• [Exercise goal]
Copy exactly the lines of the records below, and only those lines, beginning with the line that contains "OUTPUT_0: CH0-2.1 OUT_1.1 Q1.D" and ending with the line that contains "SDA_/_D0: I2C.4 SPI.3 U$1.A4".

• [Extracted material]
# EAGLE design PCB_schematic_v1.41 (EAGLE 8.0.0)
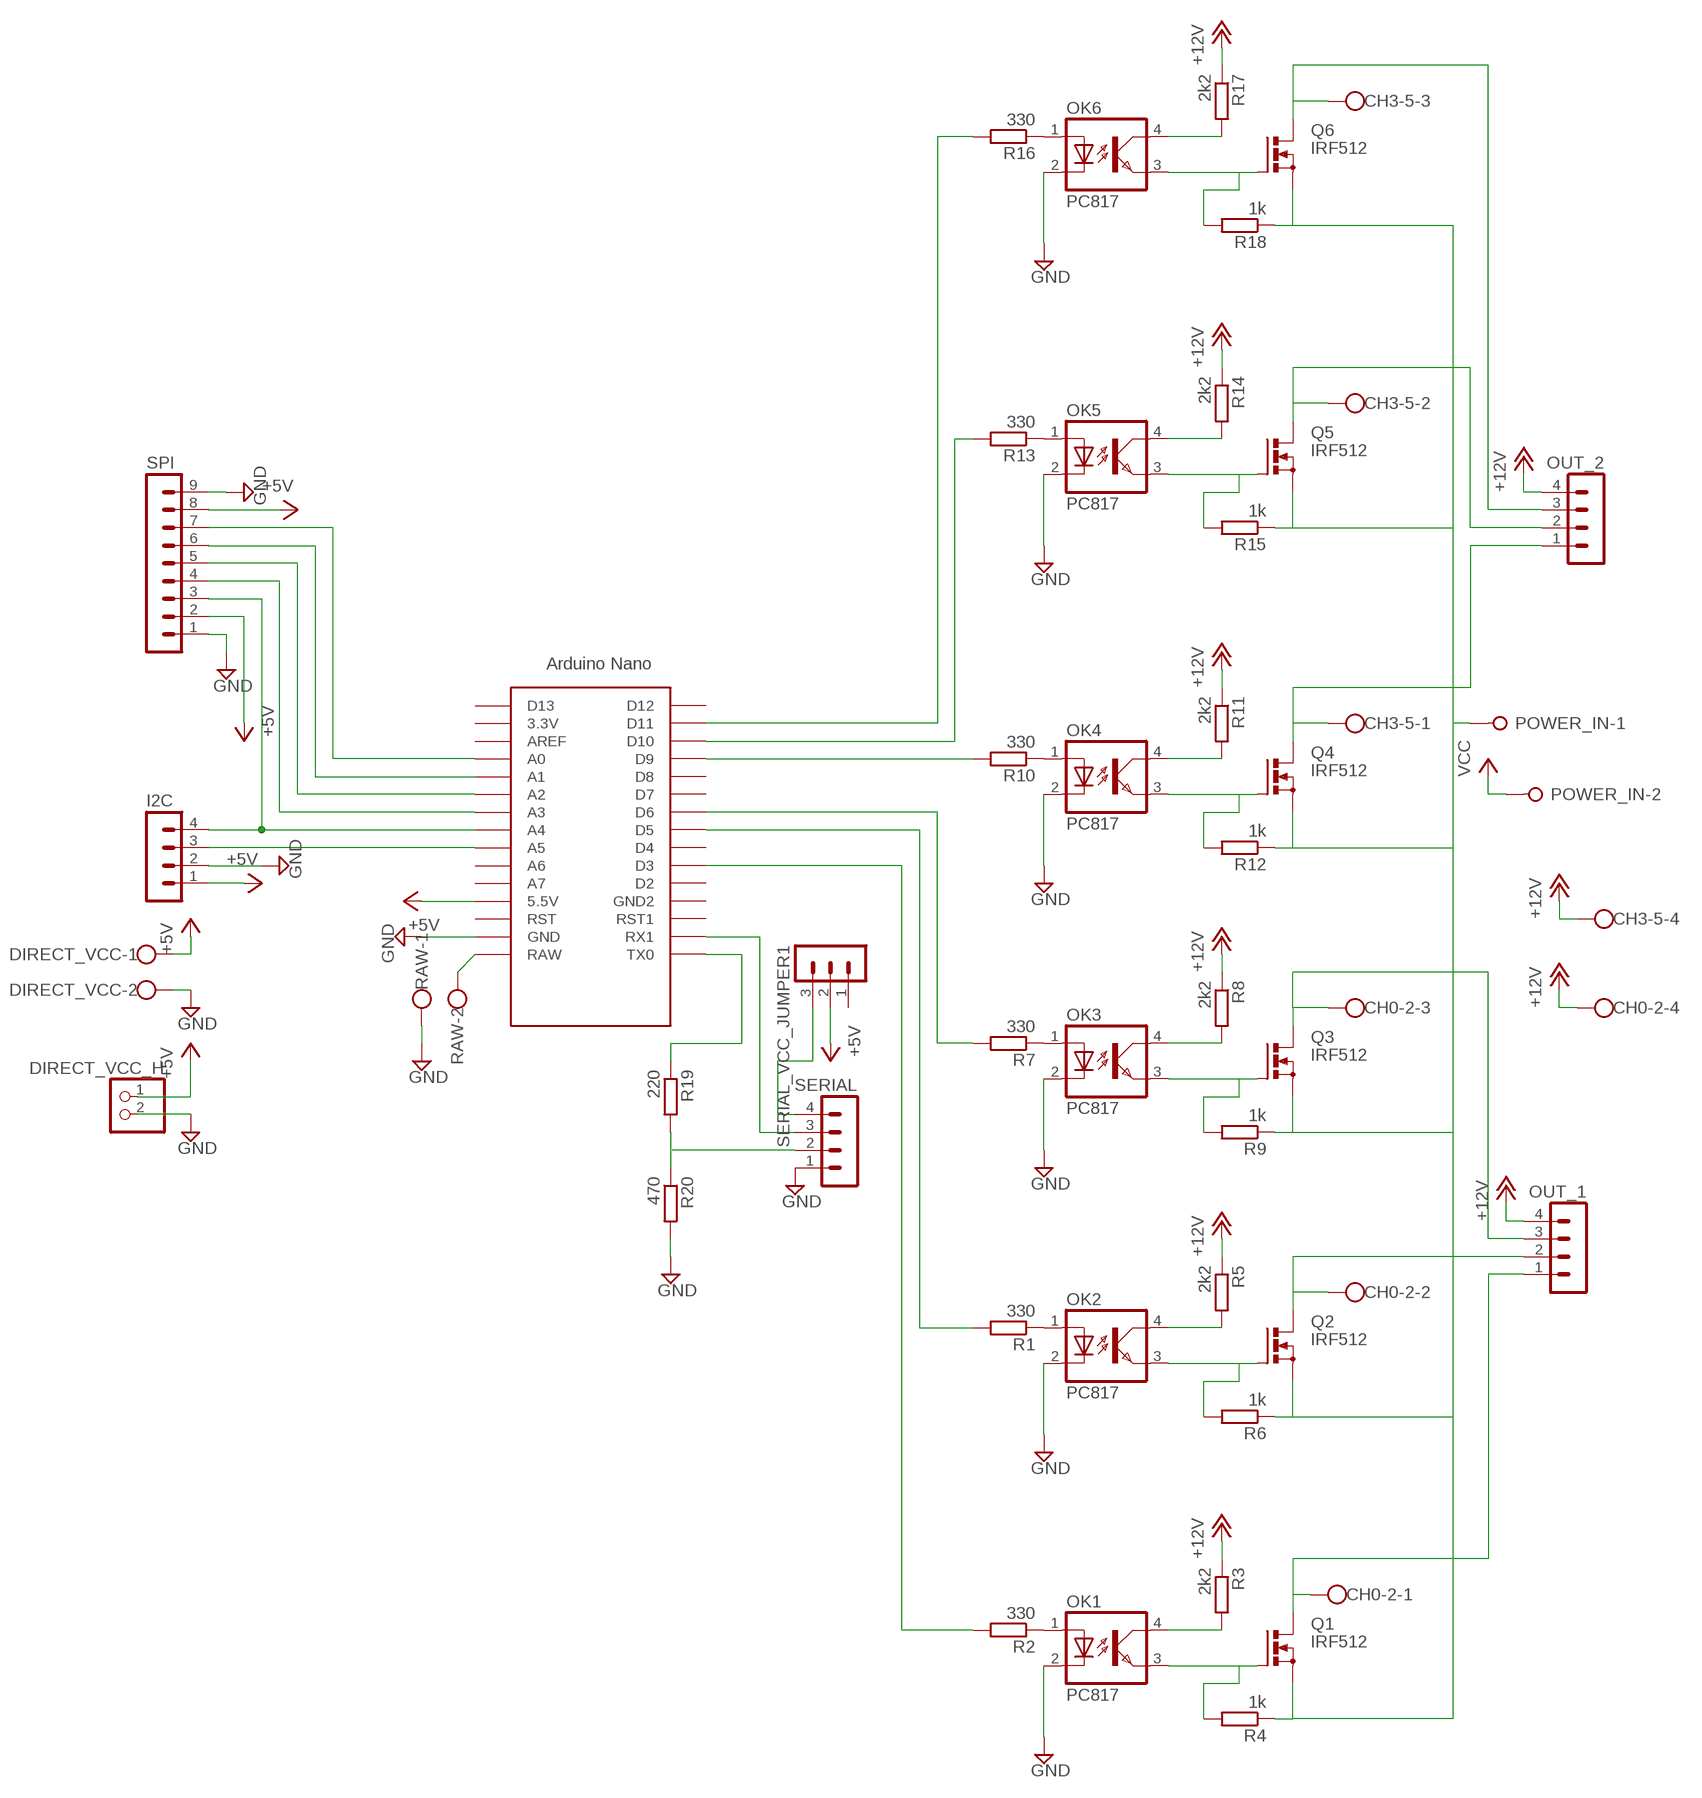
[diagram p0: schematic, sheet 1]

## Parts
CH0-2  W237-4  [W237-4]
CH3-5  W237-4  [W237-4]
DIRECT_VCC  W237-102  [W237-102]
DIRECT_VCC_H  PINHD-1X2  [1X02]
I2C  MA04-1  [MA04-1]
OK1  PC817  [DIL04]
OK2  PC817  [DIL04]
OK3  PC817  [DIL04]
OK4  PC817  [DIL04]
OK5  PC817  [DIL04]
OK6  PC817  [DIL04]
OUT_1  MA04-1  [MA04-1]
OUT_2  MA04-1  [MA04-1]
POWER_IN  W237-02P  [W237-132]
Q1  IRF512  [TO220BV]
Q2  IRF512  [TO220BV]
Q3  IRF512  [TO220BV]
Q4  IRF512  [TO220BV]
Q5  IRF512  [TO220BV]
Q6  IRF512  [TO220BV]
R1  330  R-EU_0207/10  [0207/10]
R2  330  R-EU_0207/10  [0207/10]
R3  2k2  R-EU_0207/10  [0207/10]
R4  1k  R-EU_0207/10  [0207/10]
R5  2k2  R-EU_0207/10  [0207/10]
R6  1k  R-EU_0207/10  [0207/10]
R7  330  R-EU_0207/10  [0207/10]
R8  2k2  R-EU_0207/10  [0207/10]
R9  1k  R-EU_0207/10  [0207/10]
R10  330  R-EU_0207/10  [0207/10]
R11  2k2  R-EU_0207/10  [0207/10]
R12  1k  R-EU_0207/10  [0207/10]
R13  330  R-EU_0207/10  [0207/10]
R14  2k2  R-EU_0207/10  [0207/10]
R15  1k  R-EU_0207/10  [0207/10]
R16  330  R-EU_0207/10  [0207/10]
R17  2k2  R-EU_0207/10  [0207/10]
R18  1k  R-EU_0207/10  [0207/10]
R19  220  R-EU_0207/10  [0207/10]
R20  470  R-EU_0207/10  [0207/10]
RAW  W237-102  [W237-102]
SERIAL  MA04-1  [MA04-1]
SERIAL_VCC_JUMPER1  MA03-1  [MA03-1]
SPI  MA09-1  [MA09-1]
U$1  NANO  [NANO]

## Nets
+5V: DIRECT_VCC.1 DIRECT_VCC_H.1 I2C.1 SERIAL_VCC_JUMPER1.2 SPI.2 SPI.8 U$1.5V(5.5V)
+12V: CH0-2.4 CH3-5.4 OUT_1.4 OUT_2.4 R3.1 R5.1 R8.1 R11.1 R14.1 R17.1
CS: SPI.7 U$1.A0
D1: SPI.4 U$1.A3
DC: SPI.6 U$1.A1
EXT_GND: POWER_IN.1 Q1.S Q2.S Q3.S Q4.S Q5.S Q6.S R4.1 R6.1 R9.1 R12.1 R15.1 R18.1
EXT_VCC_12V: POWER_IN.2 ; supply symbol labelled VCC
FET0_GATE: OK1.3(EMIT) Q1.G R4.2
FET0_GATE1: OK2.3(EMIT) Q2.G R6.2
FET0_GATE2: OK3.3(EMIT) Q3.G R9.2
FET0_GATE3: OK4.3(EMIT) Q4.G R12.2
FET0_GATE4: OK5.3(EMIT) Q5.G R15.2
FET0_GATE5: OK6.3(EMIT) Q6.G R18.2
GND: DIRECT_VCC.2 DIRECT_VCC_H.2 I2C.2 OK1.2(C) OK2.2(C) OK3.2(C) OK4.2(C) OK5.2(C) OK6.2(C) R20.2 RAW.1 SERIAL.1 SPI.1 SPI.9 U$1.GND
IC_PWM_OUT_0: R2.2 U$1.D3
IC_PWM_OUT_0_BASE: OK1.1(A) R2.1
IC_PWM_OUT_0_BASE1: OK2.1(A) R1.1
IC_PWM_OUT_0_BASE2: OK3.1(A) R7.1
IC_PWM_OUT_0_BASE3: OK4.1(A) R10.1
IC_PWM_OUT_0_BASE4: OK5.1(A) R13.1
IC_PWM_OUT_0_BASE5: OK6.1(A) R16.1
IC_PWM_OUT_1: R1.2 U$1.D5
IC_PWM_OUT_2: R7.2 U$1.D6
IC_PWM_OUT_3: R10.2 U$1.D9
IC_PWM_OUT_4: R13.2 U$1.D10
IC_PWM_OUT_5: R16.2 U$1.D11
N$1: OK1.4(COL) R3.2
N$3: OK2.4(COL) R5.2
N$5: OK3.4(COL) R8.2
N$7: OK4.4(COL) R11.2
N$9: OK5.4(COL) R14.2
N$11: OK6.4(COL) R17.2
OLED_RES: SPI.5 U$1.A2
OUTPUT_0: CH0-2.1 OUT_1.1 Q1.D
OUTPUT_1: CH0-2.2 OUT_1.2 Q2.D
OUTPUT_2: CH0-2.3 OUT_1.3 Q3.D
OUTPUT_3: CH3-5.1 OUT_2.1 Q4.D
OUTPUT_4: CH3-5.2 OUT_2.2 Q5.D
OUTPUT_5: CH3-5.3 OUT_2.3 Q6.D
RAW_INPUT: RAW.2 U$1.RAW
RX: SERIAL.3 U$1.RX1
SCL: I2C.3 U$1.A5
SDA_/_D0: I2C.4 SPI.3 U$1.A4
SERIAL_VCC: SERIAL.4 SERIAL_VCC_JUMPER1.3
TX_3,3V: R19.2 R20.1 SERIAL.2
TX_5V: R19.1 U$1.TX0
Unconnected: SERIAL_VCC_JUMPER1.1 U$1.3.3V U$1.A6 U$1.A7 U$1.AREF U$1.D2 U$1.D4 U$1.D7 U$1.D8 U$1.D12 U$1.D13 U$1.GND1(GND2) U$1.ICSP1 U$1.ICSP2 U$1.ICSP3 U$1.ICSP4 U$1.ICSP5 U$1.ICSP6 U$1.RST U$1.RST1

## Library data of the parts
CH0-2 CH3-5 = con-wago-500:W237-4: WAGO SCREW CLAMP; OC_FARNELL: unknown; OC_NEWARK: unknown
DIRECT_VCC RAW = con-wago-500:W237-102: WAGO SCREW CLAMP; MPN: 237-102; OC_FARNELL: unknown; OC_NEWARK: 70K9898
DIRECT_VCC_H = pinhead:PINHD-1X2: PIN HEADER
I2C OUT_1 OUT_2 SERIAL = con-lstb:MA04-1: PIN HEADER; OC_FARNELL: unknown; OC_NEWARK: unknown
OK1-OK6 = optocoupler:PC817: SHARP OPTO COUPLER; MPN: PC817X4J000F; OC_FARNELL: 9707727; OC_NEWARK: 97K7059
POWER_IN = con-wago-508:W237-02P: WAGO SREW CLAMP; OC_FARNELL: unknown; OC_NEWARK: unknown
Q1-Q6 = transistor-power:IRF512: N-CHANNEL MOS FET
R1-R20 = rcl:R-EU_: RESISTOR, European symbol
SERIAL_VCC_JUMPER1 = con-lstb:MA03-1: PIN HEADER; OC_FARNELL: unknown; OC_NEWARK: unknown
SPI = con-lstb:MA09-1: PIN HEADER; OC_FARNELL: unknown; OC_NEWARK: unknown
U$1 = Arduino-clone:NANO: Arduino Nano

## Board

• [Result for this task]
OUTPUT_0: CH0-2.1 OUT_1.1 Q1.D
OUTPUT_1: CH0-2.2 OUT_1.2 Q2.D
OUTPUT_2: CH0-2.3 OUT_1.3 Q3.D
OUTPUT_3: CH3-5.1 OUT_2.1 Q4.D
OUTPUT_4: CH3-5.2 OUT_2.2 Q5.D
OUTPUT_5: CH3-5.3 OUT_2.3 Q6.D
RAW_INPUT: RAW.2 U$1.RAW
RX: SERIAL.3 U$1.RX1
SCL: I2C.3 U$1.A5
SDA_/_D0: I2C.4 SPI.3 U$1.A4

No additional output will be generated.